La bronchiolite, quand bébé ne respire pas bien

La bronchiolite bébé concerne un tiers des enfants mais reste stressante à gérer. Le point sur cette maladie et ce à quoi il faut prêter attention.

Rédigé par Elodie Mercier, le 25 Feb 2020, à 15 h 10 min

Selon l’Institut de Veille Sanitaire, chaque hiver la bronchiolite atteint 30 % des nourrissons de moins de 2 ans, c’est à dire 480.000 enfants. Motif de consultation très fréquent chez les médecins traitants mais aussi aux urgences, elle reste assez stressante pour les parents.
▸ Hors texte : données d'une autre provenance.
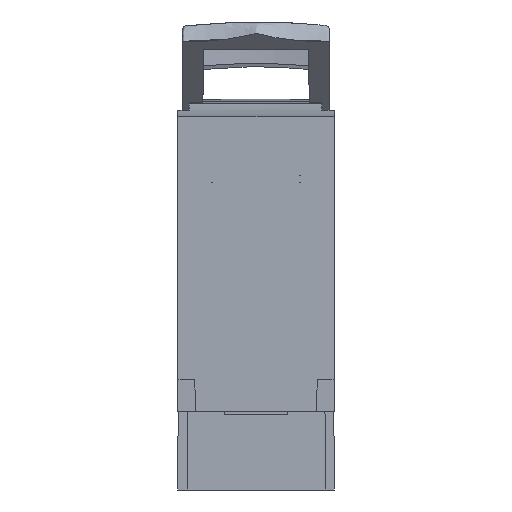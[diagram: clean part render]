
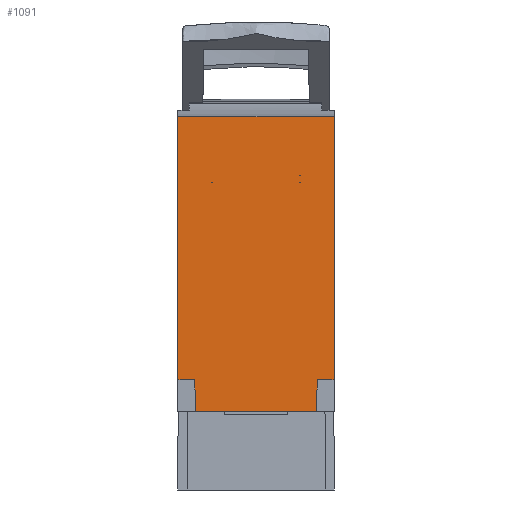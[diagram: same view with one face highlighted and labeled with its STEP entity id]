
A CAD part, left-side view. The second image highlights one B-rep face of the part: STEP entity #1091.
In plain terms, the highlighted planar face has unit normal (-1, 0, 0).
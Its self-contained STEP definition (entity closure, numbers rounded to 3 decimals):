
#244=FACE_BOUND('',#2646,.T.);
#245=FACE_BOUND('',#2647,.T.);
#246=FACE_BOUND('',#2648,.T.);
#247=FACE_BOUND('',#2649,.T.);
#627=CIRCLE('',#13304,1.15);
#628=CIRCLE('',#13307,1.15);
#629=CIRCLE('',#13310,1.15);
#750=PLANE('',#13312);
#1091=ADVANCED_FACE('',(#244,#245,#246,#247),#750,.F.);
#2646=EDGE_LOOP('',(#4945,#4946,#4947,#4948,#4949,#4950,#4951,#4952));
#2647=EDGE_LOOP('',(#4953,#4954));
#2648=EDGE_LOOP('',(#4955,#4956));
#2649=EDGE_LOOP('',(#4957,#4958));
#3535=LINE('',#16185,#4179);
#3539=LINE('',#16200,#4183);
#3541=LINE('',#16210,#4185);
#3542=LINE('',#16213,#4186);
#3543=LINE('',#16215,#4187);
#3544=LINE('',#16217,#4188);
#3545=LINE('',#16219,#4189);
#3546=LINE('',#16221,#4190);
#3547=LINE('',#16223,#4191);
#3548=LINE('',#16225,#4192);
#3549=LINE('',#16226,#4193);
#4179=VECTOR('',#13928,1.);
#4183=VECTOR('',#13938,1.);
#4185=VECTOR('',#13946,1.);
#4186=VECTOR('',#13947,1.);
#4187=VECTOR('',#13948,1.);
#4188=VECTOR('',#13949,1.);
#4189=VECTOR('',#13950,1.);
#4190=VECTOR('',#13951,1.);
#4191=VECTOR('',#13952,1.);
#4192=VECTOR('',#13953,1.);
#4193=VECTOR('',#13954,1.);
#4945=ORIENTED_EDGE('',*,*,#10204,.T.);
#4946=ORIENTED_EDGE('',*,*,#10205,.T.);
#4947=ORIENTED_EDGE('',*,*,#10206,.F.);
#4948=ORIENTED_EDGE('',*,*,#10207,.T.);
#4949=ORIENTED_EDGE('',*,*,#10208,.T.);
#4950=ORIENTED_EDGE('',*,*,#10209,.T.);
#4951=ORIENTED_EDGE('',*,*,#10210,.T.);
#4952=ORIENTED_EDGE('',*,*,#10211,.F.);
#4953=ORIENTED_EDGE('',*,*,#10212,.F.);
#4954=ORIENTED_EDGE('',*,*,#10189,.T.);
#4955=ORIENTED_EDGE('',*,*,#10194,.T.);
#4956=ORIENTED_EDGE('',*,*,#10197,.T.);
#4957=ORIENTED_EDGE('',*,*,#10200,.T.);
#4958=ORIENTED_EDGE('',*,*,#10203,.T.);
#8854=VERTEX_POINT('',#16169);
#8856=VERTEX_POINT('',#16172);
#8860=VERTEX_POINT('',#16184);
#8861=VERTEX_POINT('',#16186);
#8864=VERTEX_POINT('',#16199);
#8865=VERTEX_POINT('',#16201);
#8866=VERTEX_POINT('',#16211);
#8867=VERTEX_POINT('',#16212);
#8868=VERTEX_POINT('',#16214);
#8869=VERTEX_POINT('',#16216);
#8870=VERTEX_POINT('',#16218);
#8871=VERTEX_POINT('',#16220);
#8872=VERTEX_POINT('',#16222);
#8873=VERTEX_POINT('',#16224);
#10189=EDGE_CURVE('',#8856,#8854,#627,.T.);
#10194=EDGE_CURVE('',#8861,#8860,#3535,.T.);
#10197=EDGE_CURVE('',#8860,#8861,#628,.T.);
#10200=EDGE_CURVE('',#8865,#8864,#3539,.T.);
#10203=EDGE_CURVE('',#8864,#8865,#629,.T.);
#10204=EDGE_CURVE('',#8866,#8867,#3541,.T.);
#10205=EDGE_CURVE('',#8867,#8868,#3542,.T.);
#10206=EDGE_CURVE('',#8869,#8868,#3543,.T.);
#10207=EDGE_CURVE('',#8869,#8870,#3544,.T.);
#10208=EDGE_CURVE('',#8870,#8871,#3545,.T.);
#10209=EDGE_CURVE('',#8871,#8872,#3546,.T.);
#10210=EDGE_CURVE('',#8872,#8873,#3547,.T.);
#10211=EDGE_CURVE('',#8866,#8873,#3548,.T.);
#10212=EDGE_CURVE('',#8856,#8854,#3549,.T.);
#13304=AXIS2_PLACEMENT_3D('',#16171,#13921,#13922);
#13307=AXIS2_PLACEMENT_3D('',#16193,#13932,#13933);
#13310=AXIS2_PLACEMENT_3D('',#16208,#13942,#13943);
#13312=AXIS2_PLACEMENT_3D('',#16227,#13955,#13956);
#13921=DIRECTION('',(1.,0.,0.));
#13922=DIRECTION('',(0.,0.,-1.));
#13928=DIRECTION('',(0.,1.,-0.017));
#13932=DIRECTION('',(1.,0.,0.));
#13933=DIRECTION('',(0.,0.,-1.));
#13938=DIRECTION('',(0.,-1.,0.017));
#13942=DIRECTION('',(1.,0.,0.));
#13943=DIRECTION('',(0.,0.,-1.));
#13946=DIRECTION('',(0.,-1.,0.));
#13947=DIRECTION('',(0.,-0.017,-1.));
#13948=DIRECTION('',(0.,1.,0.));
#13949=DIRECTION('',(0.,-0.017,1.));
#13950=DIRECTION('',(0.,-1.,0.));
#13951=DIRECTION('',(0.,0.,1.));
#13952=DIRECTION('',(0.,1.,0.));
#13953=DIRECTION('',(0.,0.,1.));
#13954=DIRECTION('',(0.,1.,0.017));
#13955=DIRECTION('',(1.,0.,0.));
#13956=DIRECTION('',(0.,0.,-1.));
#16169=CARTESIAN_POINT('',(-150.,-14.01,72.901));
#16171=CARTESIAN_POINT('',(-150.,-14.05,74.05));
#16172=CARTESIAN_POINT('',(-150.,-14.05,72.9));
#16184=CARTESIAN_POINT('',(-150.,-14.01,75.199));
#16185=CARTESIAN_POINT('',(-150.,-14.05,75.2));
#16186=CARTESIAN_POINT('',(-150.,-14.05,75.2));
#16193=CARTESIAN_POINT('',(-150.,-14.05,74.05));
#16199=CARTESIAN_POINT('',(-150.,14.01,72.901));
#16200=CARTESIAN_POINT('',(-150.,14.05,72.9));
#16201=CARTESIAN_POINT('',(-150.,14.05,72.9));
#16208=CARTESIAN_POINT('',(-150.,14.05,74.05));
#16210=CARTESIAN_POINT('',(-150.,19.5,10.));
#16211=CARTESIAN_POINT('',(-150.,24.9,10.));
#16212=CARTESIAN_POINT('',(-150.,19.5,10.));
#16213=CARTESIAN_POINT('',(-150.,21.002,96.068));
#16214=CARTESIAN_POINT('',(-150.,19.325,0.));
#16215=CARTESIAN_POINT('',(-150.,24.9,0.));
#16216=CARTESIAN_POINT('',(-150.,-19.325,0.));
#16217=CARTESIAN_POINT('',(-150.,-20.987,95.199));
#16218=CARTESIAN_POINT('',(-150.,-19.5,10.));
#16219=CARTESIAN_POINT('',(-150.,-24.9,10.));
#16220=CARTESIAN_POINT('',(-150.,-24.9,10.));
#16221=CARTESIAN_POINT('',(-150.,-24.9,96.));
#16222=CARTESIAN_POINT('',(-150.,-24.9,93.846));
#16223=CARTESIAN_POINT('',(-150.,16.399,93.846));
#16224=CARTESIAN_POINT('',(-150.,24.9,93.846));
#16225=CARTESIAN_POINT('',(-150.,24.9,96.));
#16226=CARTESIAN_POINT('',(-150.,25.291,73.587));
#16227=CARTESIAN_POINT('',(-150.,24.9,96.));
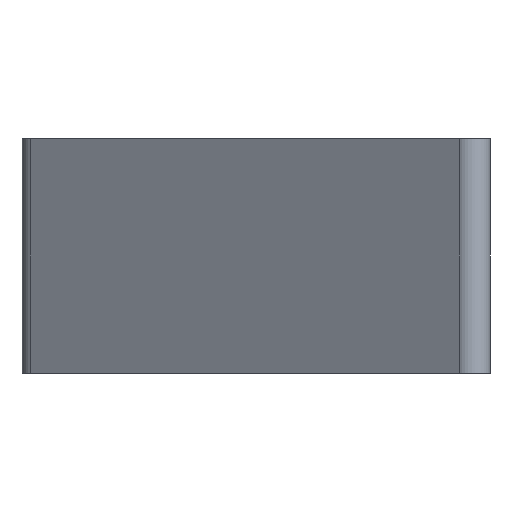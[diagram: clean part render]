
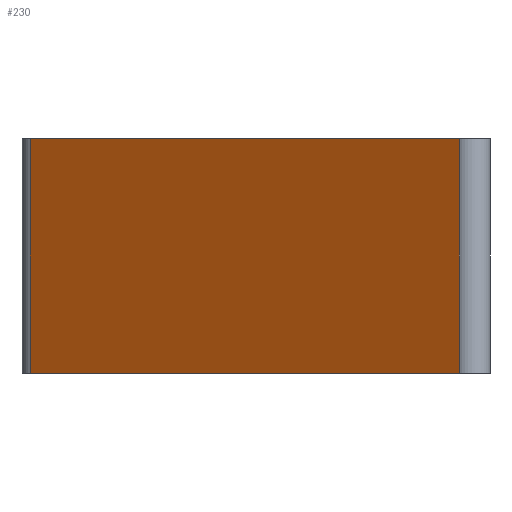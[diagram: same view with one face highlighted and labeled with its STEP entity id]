
A CAD part, left-side view. The second image highlights one B-rep face of the part: STEP entity #230.
In plain terms, the highlighted planar face has unit normal (-0.819, 0.574, 0).
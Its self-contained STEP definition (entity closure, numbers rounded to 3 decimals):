
#154=EDGE_CURVE('',#286,#360,#406,.T.);
#156=VERTEX_POINT('',#408);
#186=EDGE_CURVE('',#288,#360,#442,.T.);
#230=ADVANCED_FACE('',(#490),#491,.T.);
#240=EDGE_CURVE('',#156,#288,#501,.T.);
#286=VERTEX_POINT('',#551);
#288=VERTEX_POINT('',#553);
#360=VERTEX_POINT('',#631);
#368=EDGE_CURVE('',#156,#286,#640,.T.);
#406=LINE('',#679,#680);
#408=CARTESIAN_POINT('',(6.551,9.356,0.0));
#442=LINE('',#725,#726);
#490=FACE_OUTER_BOUND('',#789,.T.);
#491=PLANE('',#790);
#501=LINE('',#804,#805);
#551=CARTESIAN_POINT('',(6.551,9.356,-4.763));
#553=CARTESIAN_POINT('',(0.437,0.625,0.0));
#631=CARTESIAN_POINT('',(0.437,0.625,-4.763));
#640=LINE('',#994,#995);
#679=CARTESIAN_POINT('',(6.551,9.356,-4.763));
#680=VECTOR('',#1022,1.0);
#725=CARTESIAN_POINT('',(0.437,0.625,0.0));
#726=VECTOR('',#1068,1.0);
#789=EDGE_LOOP('',(#1117,#1118,#1119,#1120));
#790=AXIS2_PLACEMENT_3D('',#1121,#1122,#1123);
#804=CARTESIAN_POINT('',(6.551,9.356,0.0));
#805=VECTOR('',#1128,1.0);
#994=CARTESIAN_POINT('',(6.551,9.356,0.0));
#995=VECTOR('',#1275,1.0);
#1022=DIRECTION('',(-0.574,-0.819,0.0));
#1068=DIRECTION('',(0.0,0.0,-1.0));
#1117=ORIENTED_EDGE('',*,*,#154,.T.);
#1118=ORIENTED_EDGE('',*,*,#186,.F.);
#1119=ORIENTED_EDGE('',*,*,#240,.F.);
#1120=ORIENTED_EDGE('',*,*,#368,.T.);
#1121=CARTESIAN_POINT('',(6.551,9.356,0.0));
#1122=DIRECTION('',(-0.819,0.574,0.0));
#1123=DIRECTION('',(0.574,0.819,-0.0));
#1128=DIRECTION('',(-0.574,-0.819,0.0));
#1275=DIRECTION('',(0.0,0.0,-1.0));
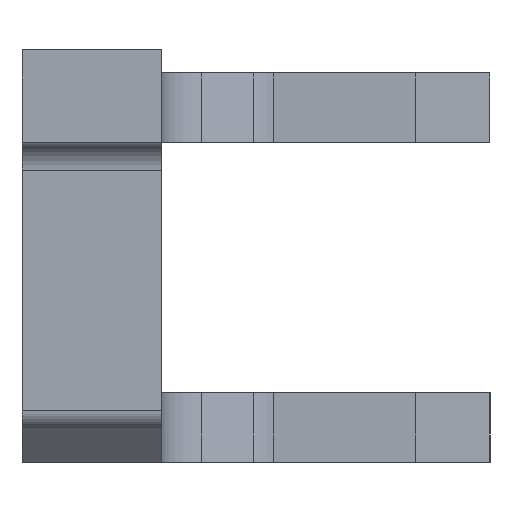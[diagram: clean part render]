
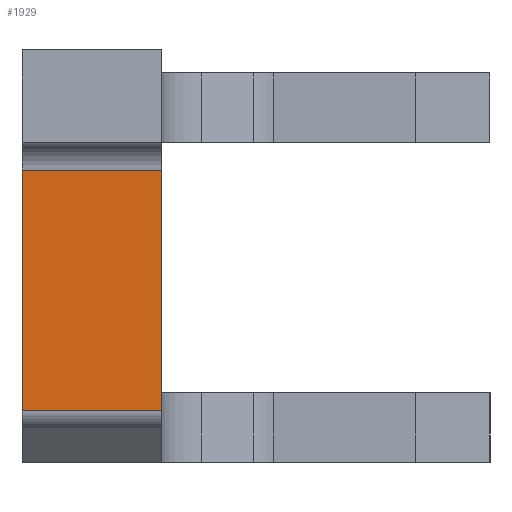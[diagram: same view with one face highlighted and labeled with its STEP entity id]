
A CAD part, left-side view. The second image highlights one B-rep face of the part: STEP entity #1929.
In plain terms, the highlighted free-form (B-spline) face has degree [1, 1] with [2, 2] control points.
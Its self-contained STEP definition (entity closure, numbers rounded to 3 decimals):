
#912=CARTESIAN_POINT('',(-76.338,53.375,-18.));
#913=VERTEX_POINT('',#912);
#921=CARTESIAN_POINT('',(-76.338,53.375,-69.856));
#922=VERTEX_POINT('',#921);
#923=CARTESIAN_POINT('',(-76.338,53.375,-69.856));
#924=DIRECTION('',(0.0,0.0,1.0));
#925=VECTOR('',#924,51.856);
#926=LINE('',#923,#925);
#927=EDGE_CURVE('',#922,#913,#926,.T.);
#1687=CARTESIAN_POINT('',(-76.338,83.375,-69.856));
#1688=VERTEX_POINT('',#1687);
#1696=CARTESIAN_POINT('',(-76.338,83.375,-18.));
#1697=VERTEX_POINT('',#1696);
#1698=CARTESIAN_POINT('',(-76.338,83.375,-18.));
#1699=DIRECTION('',(0.0,0.0,-1.0));
#1700=VECTOR('',#1699,51.856);
#1701=LINE('',#1698,#1700);
#1702=EDGE_CURVE('',#1697,#1688,#1701,.T.);
#1902=CARTESIAN_POINT('',(-76.338,83.375,-69.856));
#1903=DIRECTION('',(0.0,-1.0,0.0));
#1904=VECTOR('',#1903,30.);
#1905=LINE('',#1902,#1904);
#1906=EDGE_CURVE('',#1688,#922,#1905,.T.);
#1913=CARTESIAN_POINT('',(-76.338,83.375,-69.856));
#1914=CARTESIAN_POINT('',(-76.338,83.375,-18.));
#1915=CARTESIAN_POINT('',(-76.338,53.375,-69.856));
#1916=CARTESIAN_POINT('',(-76.338,53.375,-18.));
#1917=B_SPLINE_SURFACE_WITH_KNOTS('',1,1,((#1913,#1915),(#1914,#1916)),.UNSPECIFIED.,.F.,.F.,.U.,(2,2),(2,2),(0.0,51.856),(0.0,30.0),.UNSPECIFIED.);
#1918=ORIENTED_EDGE('',*,*,#927,.T.);
#1919=CARTESIAN_POINT('',(-76.338,83.375,-18.));
#1920=DIRECTION('',(0.0,-1.0,0.0));
#1921=VECTOR('',#1920,30.);
#1922=LINE('',#1919,#1921);
#1923=EDGE_CURVE('',#1697,#913,#1922,.T.);
#1924=ORIENTED_EDGE('',*,*,#1923,.F.);
#1925=ORIENTED_EDGE('',*,*,#1702,.T.);
#1926=ORIENTED_EDGE('',*,*,#1906,.T.);
#1927=EDGE_LOOP('',(#1918,#1924,#1925,#1926));
#1928=FACE_OUTER_BOUND('',#1927,.T.);
#1929=ADVANCED_FACE('',(#1928),#1917,.F.);
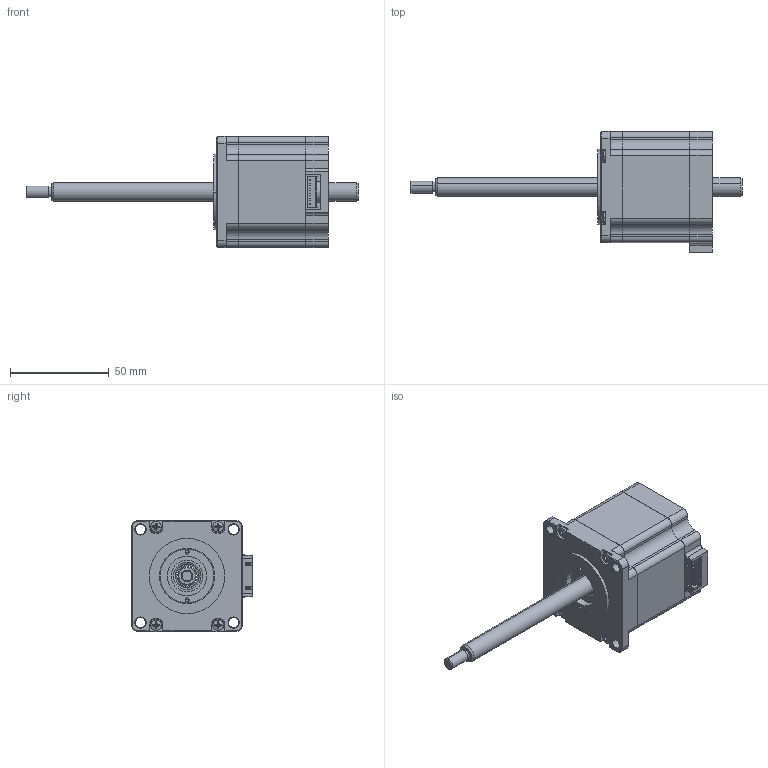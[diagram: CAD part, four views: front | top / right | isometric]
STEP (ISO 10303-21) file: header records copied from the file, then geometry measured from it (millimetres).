
FILE_DESCRIPTION (( 'STEP AP203' ), '1' );
FILE_NAME ('LN238S-E09050-155-S-220.STEP', '2019-04-13T02:42:28', ( 'Sky123.Org' ), ( 'Sky123.Org' ), 'SwSTEP 2.0', 'SolidWorks 2014', '' );
FILE_SCHEMA (( 'CONFIG_CONTROL_DESIGN' ));
Length unit declared in the file: millimetre
Products named in the file (1): LN238S-E09050-155-S-220
Bounding box: 168 x 61.2 x 56.2 mm (x, y, z)
Surface area: 31957.9 mm2 (no closed solid volume)
Topology: 0 solids, 18 shells, 389 faces, 1125 edges, 750 vertices
Faces by surface type: plane 193, cylinder 94, cone 90, sphere 8, torus 4
Entity records: 13231 total; most frequent: CARTESIAN_POINT 2897, DIRECTION 2175, ORIENTED_EDGE 2004, EDGE_CURVE 1125, AXIS2_PLACEMENT_3D 764, VERTEX_POINT 750, LINE 647, VECTOR 647
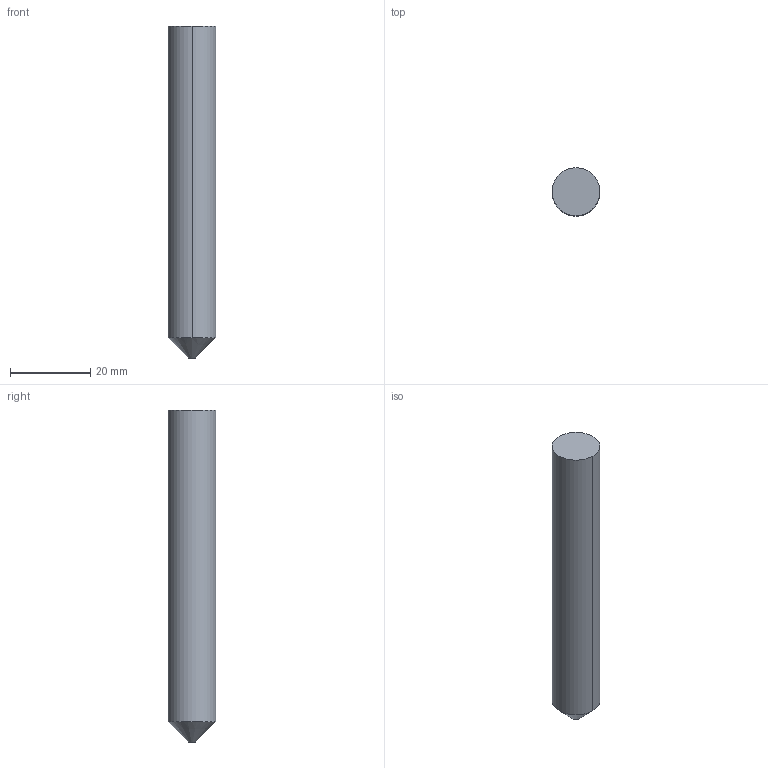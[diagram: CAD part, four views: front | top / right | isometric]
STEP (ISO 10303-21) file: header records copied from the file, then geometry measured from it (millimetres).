
FILE_DESCRIPTION((' '),'2;1');
FILE_NAME( '5HCM12003B.stp', '2026-01-21T09:09:04', (' '), ('--- Datakit www.datakit.com---'), ' Datakit CrossCadWare V2025.4 Sep 19 2025', 'Mastercam 2027', ' ');
FILE_SCHEMA(('AUTOMOTIVE_DESIGN { 1 0 10303 214 1 1 1 1 }'));
Length unit declared in the file: inch
Products named in the file (1): 5HCM12003B
Bounding box: 12 x 12 x 83 mm (x, y, z)
Volume: 9045.1 mm3; surface area: 3212 mm2
Topology: 1 solids, 1 shells, 8 faces, 14 edges, 8 vertices
Faces by surface type: cylinder 4, plane 2, cone 2
Entity records: 264 total; most frequent: DIRECTION 48, CARTESIAN_POINT 35, ORIENTED_EDGE 28, AXIS2_PLACEMENT_3D 21, EDGE_CURVE 14, VERTEX_POINT 8, CIRCLE 8, EDGE_LOOP 8

Faisons le point sur cette pathologie et les solutions naturelles à mettre en place.

Qu’est-ce que la bronchiolite du bébé ?

Il s’agit d’une infection aiguë respiratoire d’origine virale causée principalement par le VRS : virus respiratoire syncytial (dans 50 à 80 % des cas). Elle touche les nourrissons de 2 mois à 2 ans. L’épidémie débute vers la mi-octobre, atteint son pic en décembre pour se terminer à la fin de l’hiver.

Les symptômes sont : une toux grasse, une respiration accélérée et sifflante, de la fièvre et le nez bouché.

La période d’incubation est de 8 jours maximum et la guérison (hors complications) intervient au bout de 5 à 10 jours. Une toux résiduelle peut persister durant 4 semaines après la fin de l’épisode infectieux.

Niveau traitement, (hors complications) les antibiotiques, la ventoline, les sirops pour la toux ne sont pas forcément nécessaires. Cela sera, bien sûr, à voir avec votre pédiatre.

Quelle différence avec une bronchite ?

La bronchite est une inflammation des bronches, à savoir les branches principales de l’arbre respiratoire. Une bronchiolite est une inflammation des bronchioles qui sont d’un diamètre beaucoup plus petit que les bronches car ce sont les branches terminales de l’arbre respiratoire. L’inflammation crée alors un oedème plus gênant dans la mesure où les bronchioles sont plus vite obstruées par le mucus.

La bronchiolite se distingue bien de la bronchite – © Bernardo Emanuelle

Quels sont les critères de contagion ?

Le VRS est extrêmement contagieux. Il survit environ 30 minutes sur la peau et 6 à 7h sur les objets ou le linge. L’enfant contaminé est porteur du virus pendant 3 à 7 jours en moyenne (mais cela peut se prolonger jusqu’à 4 semaines). Il se transmet par :

  • voie aérienne via les gouttelettes mise en suspension avec la toux , les éternuements, les postillons
  • voie cutanée via le contact avec les mains d’objets contaminés

Le virus pénètre dans l’organisme par voie nasale et se multiplie pour ensuite gagner les voies respiratoires inférieures. Chez 70 à 80 % des enfants porteurs, la contamination entraînera une simple rhinopharyngite.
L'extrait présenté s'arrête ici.